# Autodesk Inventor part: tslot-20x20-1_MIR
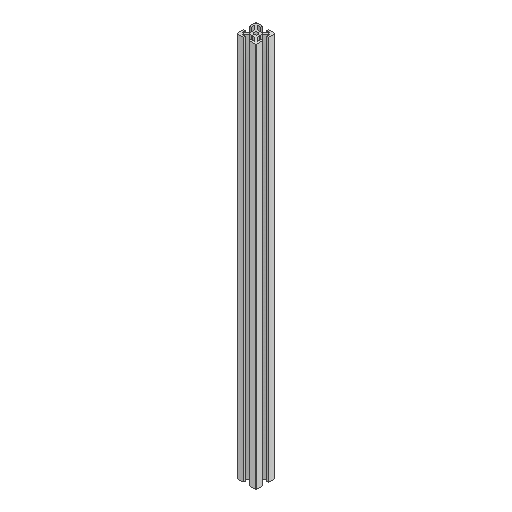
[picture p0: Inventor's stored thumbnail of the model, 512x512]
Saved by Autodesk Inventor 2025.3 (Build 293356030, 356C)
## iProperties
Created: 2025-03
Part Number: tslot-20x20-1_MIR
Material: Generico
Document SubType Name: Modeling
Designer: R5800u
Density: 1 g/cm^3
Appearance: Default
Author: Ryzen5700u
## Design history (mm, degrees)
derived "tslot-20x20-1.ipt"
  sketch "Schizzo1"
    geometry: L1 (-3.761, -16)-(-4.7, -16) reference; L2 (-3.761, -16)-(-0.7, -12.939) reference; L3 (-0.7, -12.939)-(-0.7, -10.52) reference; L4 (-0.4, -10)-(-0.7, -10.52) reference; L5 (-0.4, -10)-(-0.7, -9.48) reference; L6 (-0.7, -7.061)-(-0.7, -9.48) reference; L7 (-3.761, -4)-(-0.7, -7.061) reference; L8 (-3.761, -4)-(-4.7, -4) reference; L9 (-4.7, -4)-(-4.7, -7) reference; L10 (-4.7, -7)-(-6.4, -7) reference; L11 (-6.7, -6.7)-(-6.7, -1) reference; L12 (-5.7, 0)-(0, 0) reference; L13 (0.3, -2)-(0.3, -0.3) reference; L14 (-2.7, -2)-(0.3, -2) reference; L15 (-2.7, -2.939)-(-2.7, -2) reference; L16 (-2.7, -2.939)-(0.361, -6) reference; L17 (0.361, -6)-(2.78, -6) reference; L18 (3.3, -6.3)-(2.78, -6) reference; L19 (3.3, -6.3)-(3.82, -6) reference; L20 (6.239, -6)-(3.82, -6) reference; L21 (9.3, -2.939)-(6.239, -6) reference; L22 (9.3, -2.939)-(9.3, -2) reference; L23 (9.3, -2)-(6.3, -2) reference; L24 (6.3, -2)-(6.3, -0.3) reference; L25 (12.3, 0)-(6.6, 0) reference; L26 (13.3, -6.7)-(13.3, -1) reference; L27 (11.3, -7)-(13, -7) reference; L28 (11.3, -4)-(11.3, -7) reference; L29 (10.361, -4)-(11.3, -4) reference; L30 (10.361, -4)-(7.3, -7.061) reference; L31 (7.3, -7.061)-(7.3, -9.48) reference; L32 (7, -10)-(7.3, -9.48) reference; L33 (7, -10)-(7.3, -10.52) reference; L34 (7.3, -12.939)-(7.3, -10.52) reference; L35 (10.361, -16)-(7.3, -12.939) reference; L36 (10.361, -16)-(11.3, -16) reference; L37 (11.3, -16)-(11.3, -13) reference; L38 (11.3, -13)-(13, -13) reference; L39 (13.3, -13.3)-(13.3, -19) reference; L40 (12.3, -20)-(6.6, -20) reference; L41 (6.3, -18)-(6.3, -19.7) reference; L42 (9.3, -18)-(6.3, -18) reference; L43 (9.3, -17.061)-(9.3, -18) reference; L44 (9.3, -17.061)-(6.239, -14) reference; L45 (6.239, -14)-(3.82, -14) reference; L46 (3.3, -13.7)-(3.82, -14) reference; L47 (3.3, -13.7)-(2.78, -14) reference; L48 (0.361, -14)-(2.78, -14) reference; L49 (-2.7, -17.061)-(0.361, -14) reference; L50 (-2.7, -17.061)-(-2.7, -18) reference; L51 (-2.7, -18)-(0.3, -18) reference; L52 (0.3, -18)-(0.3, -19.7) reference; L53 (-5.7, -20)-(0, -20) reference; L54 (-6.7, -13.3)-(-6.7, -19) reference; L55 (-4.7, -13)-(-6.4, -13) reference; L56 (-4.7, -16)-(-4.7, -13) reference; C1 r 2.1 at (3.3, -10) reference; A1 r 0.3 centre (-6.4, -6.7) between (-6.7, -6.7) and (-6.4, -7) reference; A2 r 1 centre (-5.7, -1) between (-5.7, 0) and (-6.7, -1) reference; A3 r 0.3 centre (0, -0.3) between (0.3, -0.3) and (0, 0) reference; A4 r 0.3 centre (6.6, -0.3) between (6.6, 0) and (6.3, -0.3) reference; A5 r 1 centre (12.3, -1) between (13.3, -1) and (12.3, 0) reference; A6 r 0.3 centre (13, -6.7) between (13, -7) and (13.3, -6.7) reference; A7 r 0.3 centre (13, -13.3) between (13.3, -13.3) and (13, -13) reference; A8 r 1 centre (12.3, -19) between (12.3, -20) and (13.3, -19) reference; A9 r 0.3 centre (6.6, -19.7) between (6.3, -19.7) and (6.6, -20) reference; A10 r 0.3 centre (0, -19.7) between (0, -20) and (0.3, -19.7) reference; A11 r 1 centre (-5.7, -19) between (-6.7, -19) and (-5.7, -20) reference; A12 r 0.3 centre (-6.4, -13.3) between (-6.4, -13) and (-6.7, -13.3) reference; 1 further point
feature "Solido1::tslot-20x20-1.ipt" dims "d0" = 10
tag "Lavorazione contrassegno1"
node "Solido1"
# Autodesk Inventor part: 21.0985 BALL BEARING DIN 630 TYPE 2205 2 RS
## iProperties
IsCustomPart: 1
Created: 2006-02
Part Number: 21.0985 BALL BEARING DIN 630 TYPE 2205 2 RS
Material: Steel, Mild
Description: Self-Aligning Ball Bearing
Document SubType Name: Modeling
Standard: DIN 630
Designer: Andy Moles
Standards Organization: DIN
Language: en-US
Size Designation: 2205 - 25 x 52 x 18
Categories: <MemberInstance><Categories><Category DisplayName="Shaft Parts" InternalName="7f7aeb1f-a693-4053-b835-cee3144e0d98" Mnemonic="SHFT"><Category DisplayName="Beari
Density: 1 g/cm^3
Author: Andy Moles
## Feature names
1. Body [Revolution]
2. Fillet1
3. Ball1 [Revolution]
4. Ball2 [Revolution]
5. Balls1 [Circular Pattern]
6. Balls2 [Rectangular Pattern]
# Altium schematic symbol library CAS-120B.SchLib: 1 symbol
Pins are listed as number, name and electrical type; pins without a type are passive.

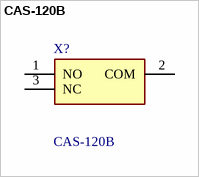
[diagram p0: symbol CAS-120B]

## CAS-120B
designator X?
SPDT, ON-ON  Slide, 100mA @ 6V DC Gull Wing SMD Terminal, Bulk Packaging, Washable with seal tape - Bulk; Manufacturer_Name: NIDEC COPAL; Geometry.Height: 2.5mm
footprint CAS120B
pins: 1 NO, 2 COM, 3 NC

──────────────────────────────

» **What is being asked**
Which lines above run from the one containing "Description: Self-Aligning Ball Bearing" down to the one containing "# Altium schematic"? Repeat exactly those, both ends included, and nothing else.

» **Exercise output**
Description: Self-Aligning Ball Bearing
Document SubType Name: Modeling
Standard: DIN 630
Designer: Andy Moles
Standards Organization: DIN
Language: en-US
Size Designation: 2205 - 25 x 52 x 18
Categories: <MemberInstance><Categories><Category DisplayName="Shaft Parts" InternalName="7f7aeb1f-a693-4053-b835-cee3144e0d98" Mnemonic="SHFT"><Category DisplayName="Beari
Density: 1 g/cm^3
Author: Andy Moles
## Feature names
1. Body [Revolution]
2. Fillet1
3. Ball1 [Revolution]
4. Ball2 [Revolution]
5. Balls1 [Circular Pattern]
6. Balls2 [Rectangular Pattern]
# Altium schematic symbol library CAS-120B.SchLib: 1 symbol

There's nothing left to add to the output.